U.S. stocks may have little more to gain from the Federal Reserve’s third round of bond buying even though the purchases have only begun, according to Gina Martin Adams, a Wells Fargo & Co. strategist.

As the CHART OF THE DAY depicts, the Standard & Poor’s 500 Index’s price-earnings ratio since June has tracked an expansion that started in August 2010, when Fed Chairman Ben S. Bernanke foreshadowed the prior round of so-called quantitative easing with a speech in Jackson Hole, Wyoming. The P/E might be about a month away from peaking, assuming the pattern holds.

“Over the last four years, investors have become accustomed to one consistency in the equity market -- when the Fed moves, stocks follow,” Martin Adams wrote two days ago in a report featuring a similar chart. “Investors may have priced in a new round of liquidity before it happened this time.”

Fed policy makers announced a plan on Sept. 13 for the central bank to buy $40 billion of mortgage-backed securities each month.
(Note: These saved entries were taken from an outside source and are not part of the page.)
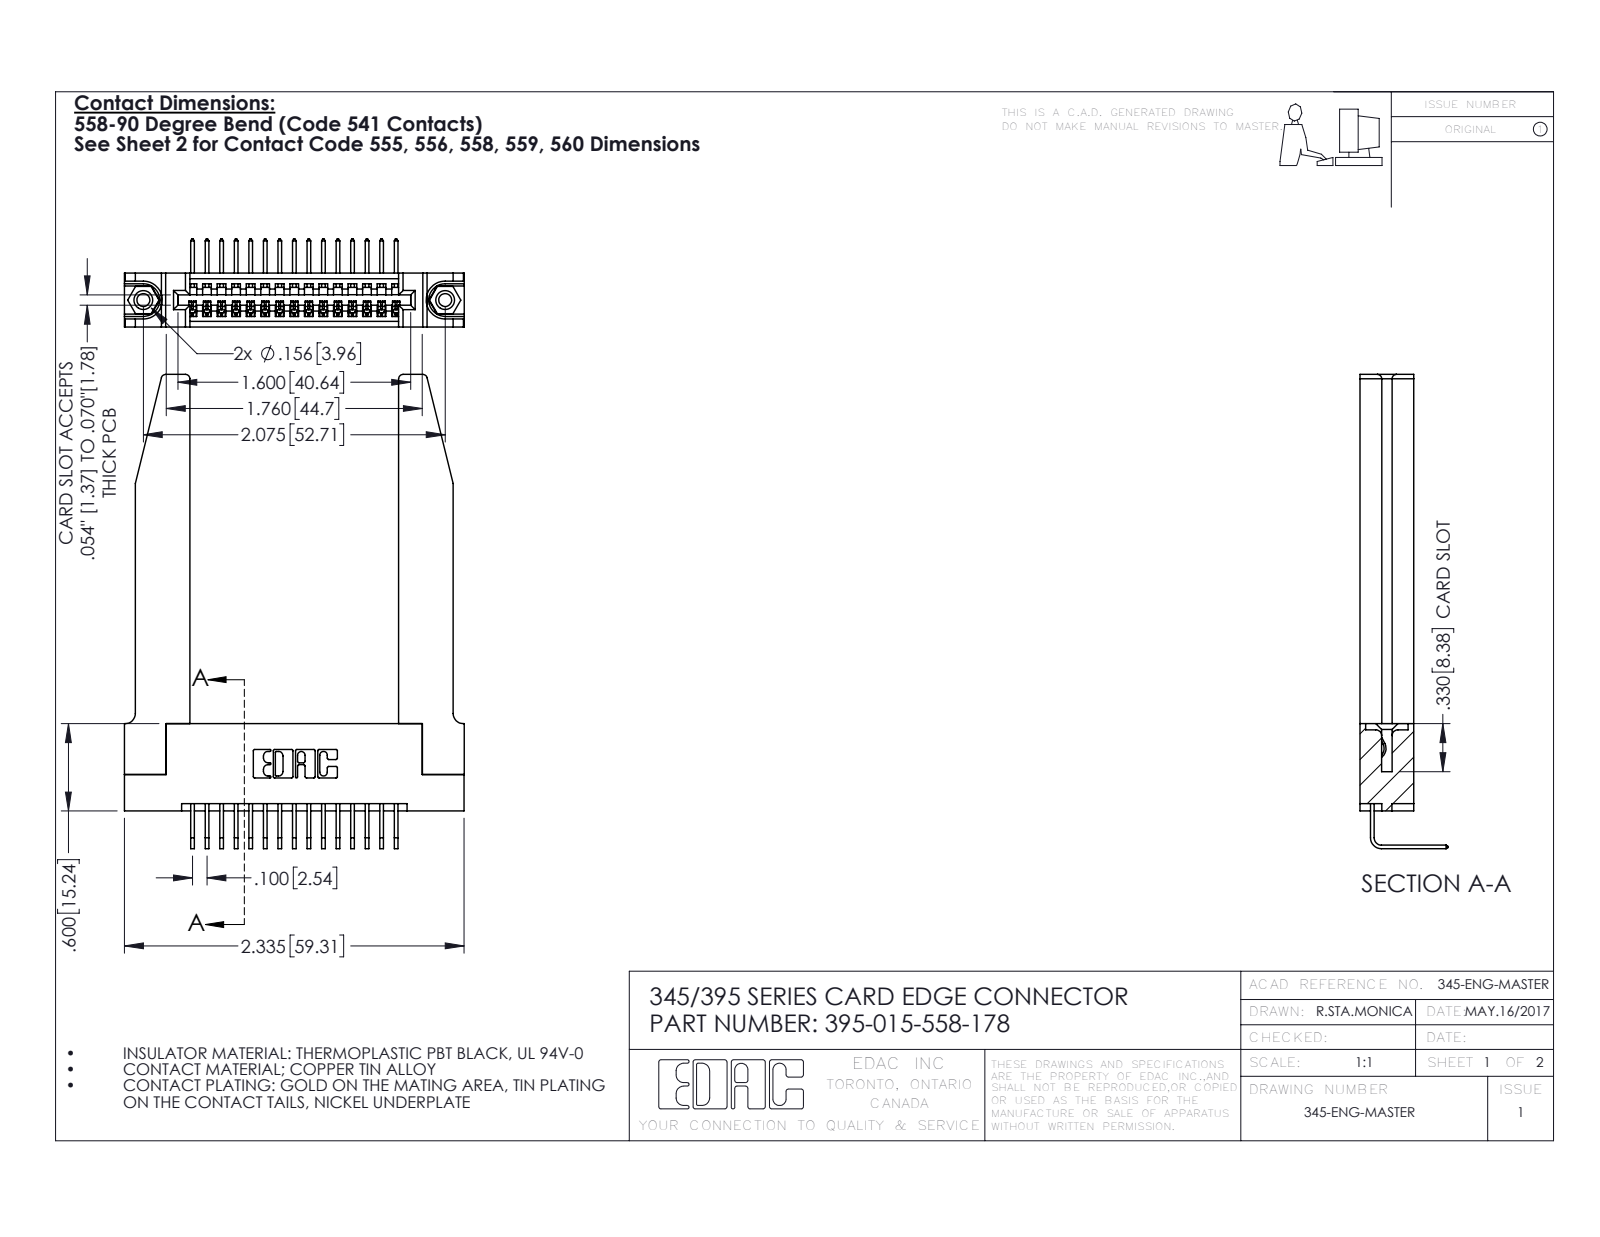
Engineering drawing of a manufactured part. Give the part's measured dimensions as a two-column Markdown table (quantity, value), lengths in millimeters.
| quantity | value |
| --- | --- |
| part name | 345-292-001_558 Tail - 2; 345 Part_Flush Mounting Lugs - 0.156 Dia-TH; 345-220-078_345-220-078; 395-015-558-178 (+1 more) |
| STEP written by | SolidWorks 2016 (CONFIG_CONTROL_DESIGN) |
| units | millimeters |
| bodies | 20 solids, 1260 faces (852 planar, 356 cylindrical, 52 other) |
| overall size | 82.8 × 59.3 × 15.4 |
| volume | 13 200 mm³ |
| surface area | 14 030 mm² |
| round holes (diameter × count) | 2.3 × 2, 3.2 × 2, 4 × 2, 1.6 × 1 |
| round bosses / shafts (diameter × count) | 3.9 × 2 |
| partial cylindrical surfaces (radius × count) | 0.2 × 30, 0.3 × 22, 0.8 × 8, 0.2 × 6, 0.8 × 6, 0.7 × 3, 0.8 × 2, 1 × 2 |
| main face-to-face distances | 9.4, 1.8, 7.6, 5.1, 3.8, 3.8, 2, 5.6, 2.5, 6.9 |
| hole center spacings | 6.9, 46.8, 52.7 |
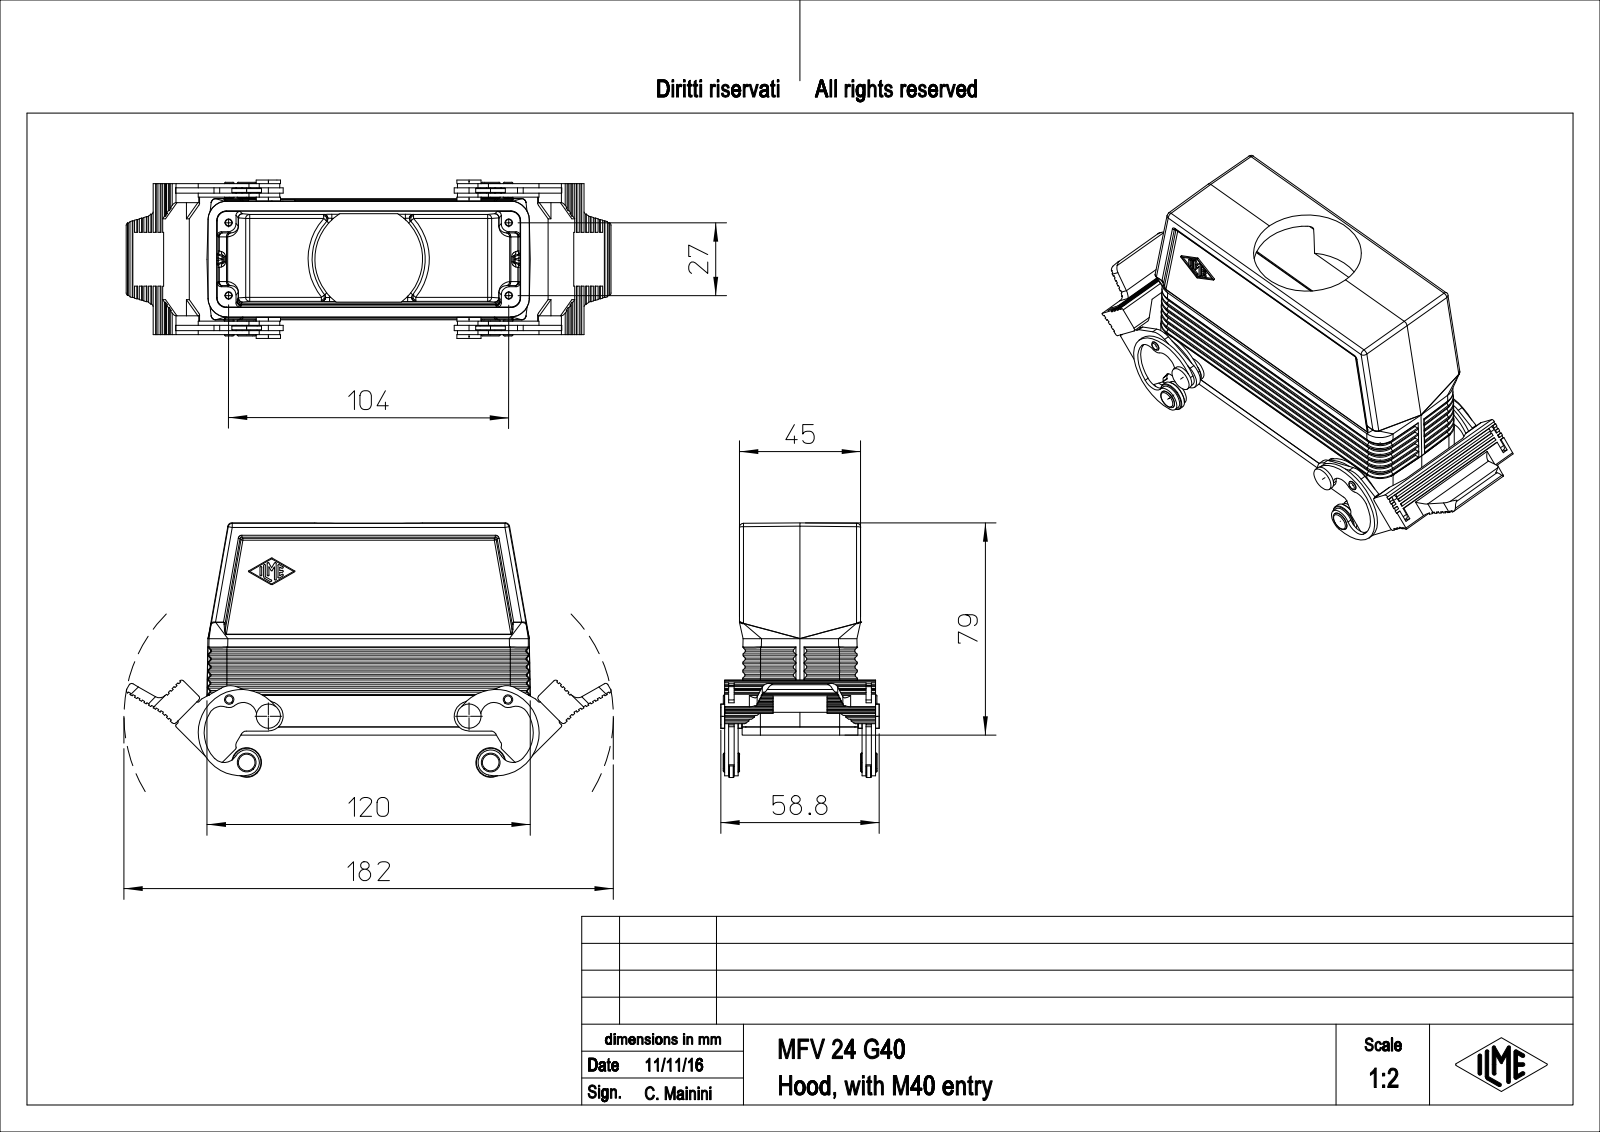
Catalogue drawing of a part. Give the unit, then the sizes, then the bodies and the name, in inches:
Units: inches
Overall size (bounding box): 7.085 × 3.719 × 2.315
Round holes (diameter × count): ⌀0.108 ×4, ⌀0.197 ×4, ⌀0.122 ×2, ⌀0.157 ×2, ⌀1.575 ×1
Round bosses / shafts (diameter × count): ⌀0.433 ×2, ⌀0.354 ×2, ⌀0.276 ×2, ⌀0.189 ×2, ⌀0.138 ×2, ⌀0.118 ×2
Partial cylindrical surfaces — rounded edges, fillets, slot ends (radius × count): R0.02 ×86, R0.059 ×16, R0.118 ×12, R0.039 ×10, R0.276 ×10, R0.197 ×6, R0.079 ×4, R0.138 ×4
Main face-to-face distances: 0.079, 0.039, 1.693, 0.138, 2.008, 0.157, 0.059, 0.236, 0.276, 2.067
Hole centre spacings: 0.748, 0.752, 0.955, 1.063, 1.341, 2.115, 2.115, 3.929
Volume: 8.401 in³ · Surface area: 117.3 in²
Bodies: 1 solid, 1267 faces (675 planar, 408 cylindrical, 184 other)
Part name (STEP PRODUCT): MFV_24_G40
STEP written by: PTC Creo Elements/Direct Modeling 19.0E 27-Jun-2016 (C) Parametric Technology GmbH (AUTOMOTIVE_DESIGN)
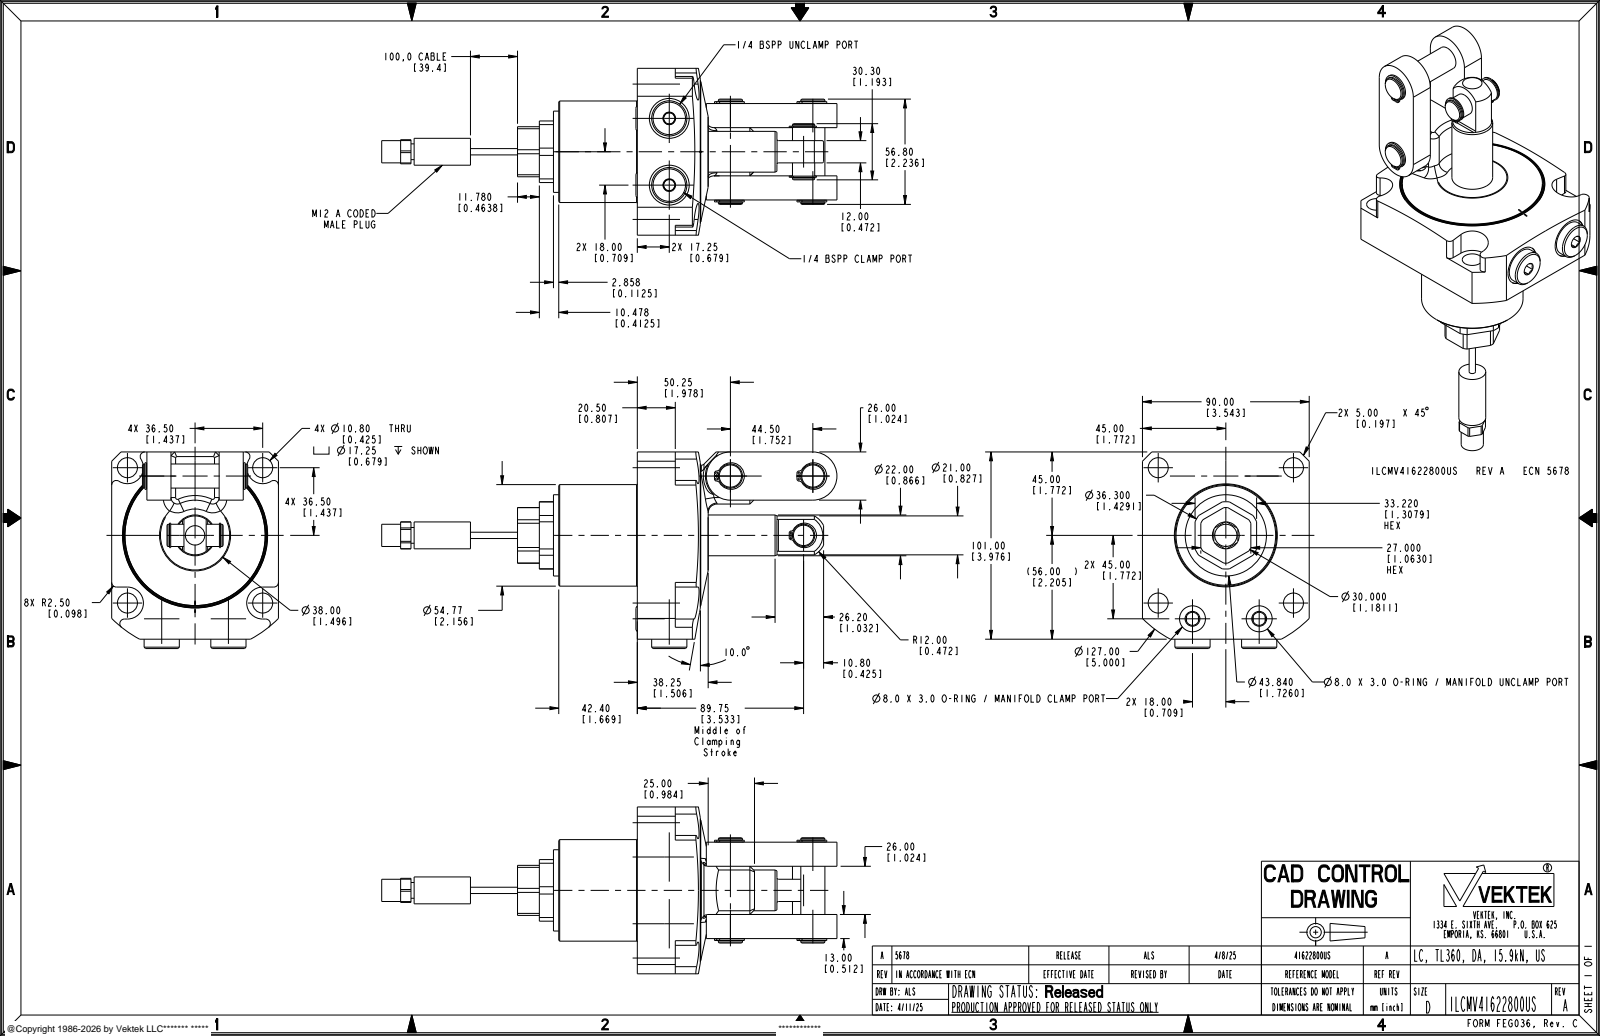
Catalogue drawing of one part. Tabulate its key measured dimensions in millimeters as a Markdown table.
| quantity | value |
| --- | --- |
| part name | ILCMV41622800_BODY_US; ILCMV41622800_LUG_US; ILCMV41622800US |
| STEP written by | CREO PARAMETRIC BY PTC INC, 2021164 (AUTOMOTIVE_DESIGN) |
| units | millimeters |
| bodies | 4 solids, 457 faces (168 planar, 197 cylindrical, 92 other) |
| overall size | 245.71 × 106.06 × 90 |
| volume | 501 305 mm³ |
| surface area | 83 491 mm² |
| round holes (diameter × count) | 1.19 × 4, 10.8 × 4, 1.04 × 2, 7.04 × 2, 11.89 × 2, 14 × 2, 21.5 × 2, 75.79 × 1 |
| round bosses / shafts (diameter × count) | 19 × 2, 14.33 × 2, 13.16 × 2, 13 × 2, 11.89 × 2, 11.2 × 2, 8 × 2, 75.68 × 1 |
| partial cylindrical surfaces (radius × count) | 2.5 × 8, 0.8 × 4, 1.19 × 4, 1.82 × 4, 8.62 × 4, 1.04 × 2, 1.35 × 2, 3.5 × 2 |
| main face-to-face distances | 21.25, 19, 71, 32, 39, 90, 13, 26, 58, 52 |
| hole center spacings | 51.62, 73, 3.1, 20.36, 36, 44.5, 44.61, 48.47 |
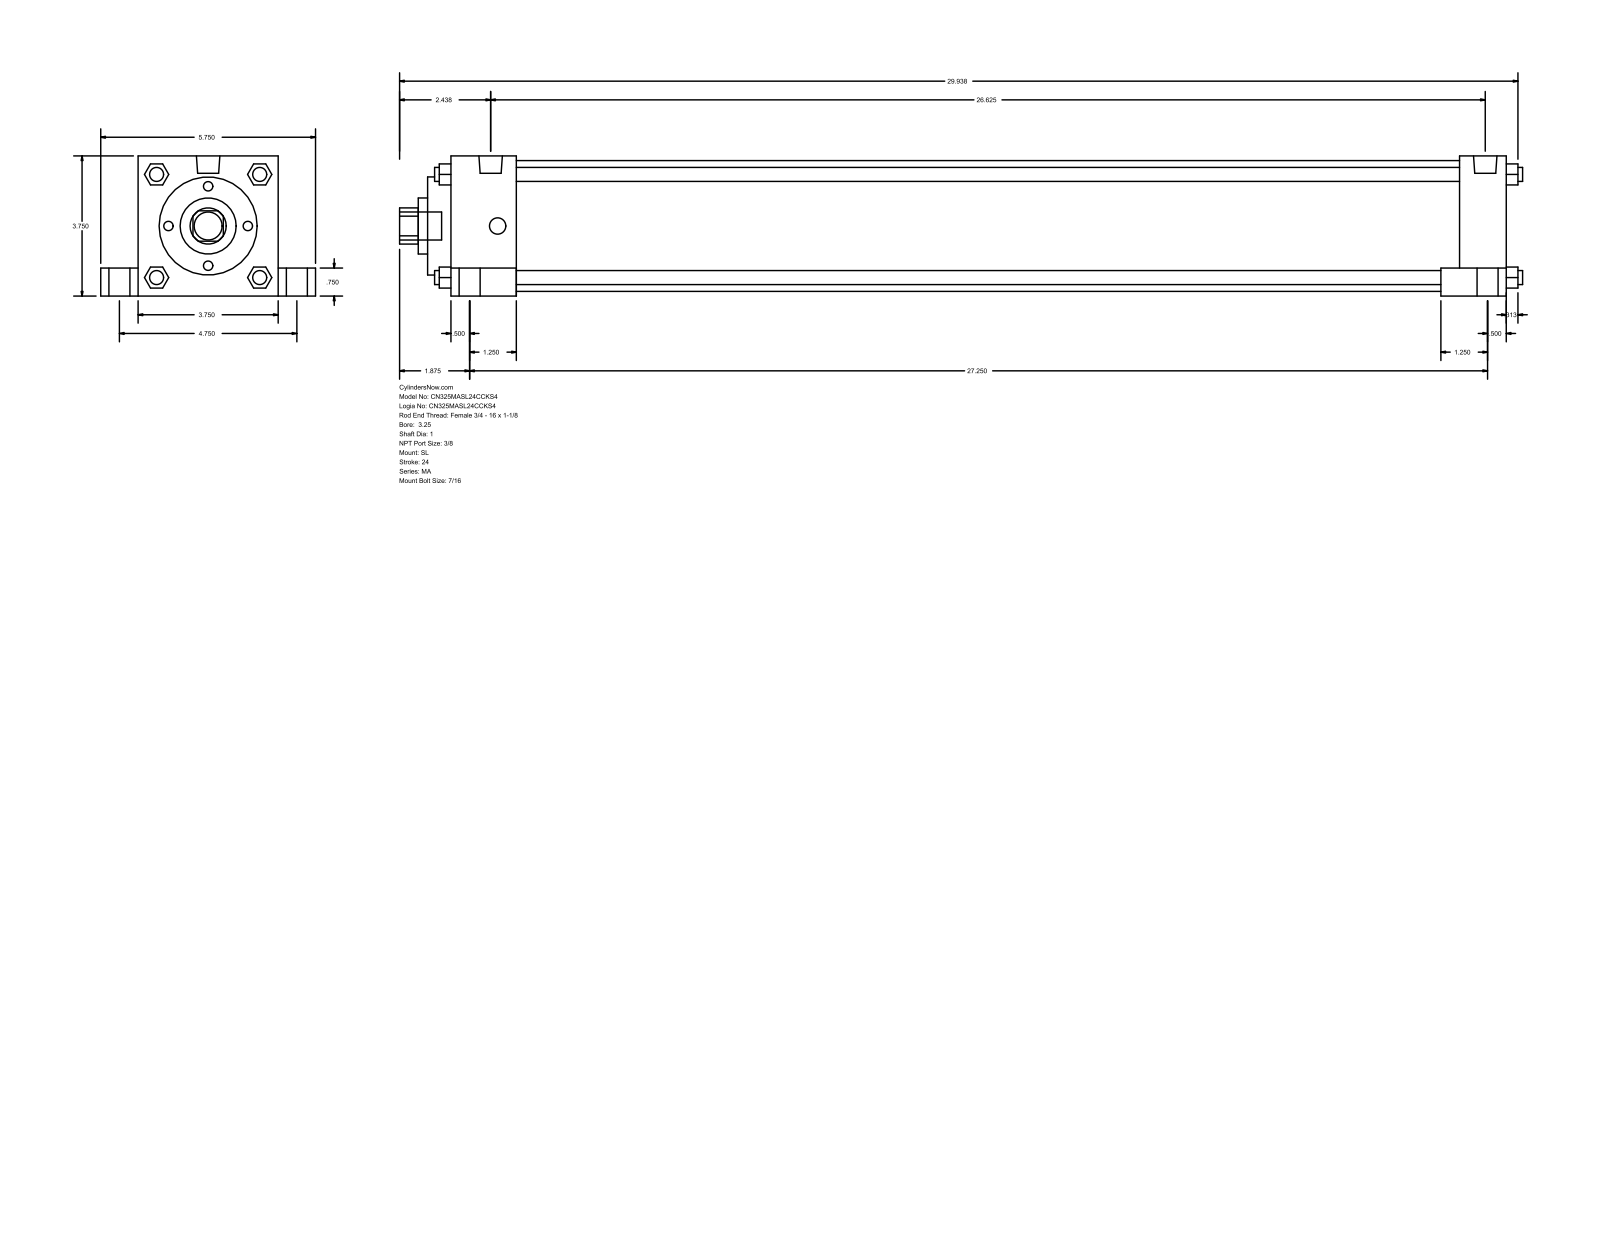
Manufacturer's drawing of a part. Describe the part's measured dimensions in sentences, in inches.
The part is named "MA_SL__0325_1". Its 3-D file was written by "GSSL Pune (CONFIG_CONTROL_DESIGN)". It is 0 solids with 150 faces: 113 planar, 37 cylindrical and 0 other. Overall it measures 30.063 by 5.75 by 3.75 inches. Round holes: 1 of diameter 1, 1 of diameter 1.5, 1 of diameter 2.625, 1 of diameter 3.5. Round bosses or shafts: 4 of diameter 0.813, 4 of diameter 0.563, 4 of diameter 0.437, 4 of diameter 0.375, 2 of diameter 0.627, 1 of diameter 0.75. Partial cylindrical surfaces (rounded edges, fillets, slot ends): 1 of radius 0.484. The main face-to-face distances are 3.75, 28.25, 25.25, 0.625, 1, 4.75, 0.75, 27, 1.25, 1.75.

The purchases will persist as long as the labor market doesn’t “improve substantially,” according to a statement they released that day.

The S&P 500’s higher valuation bolsters the argument for buying defensive stocks, or shares of companies that are least affected by economic swings, Martin Adams wrote. The New York-based strategist favors investing in companies that sell food, beverages and other consumer staples, along with health care.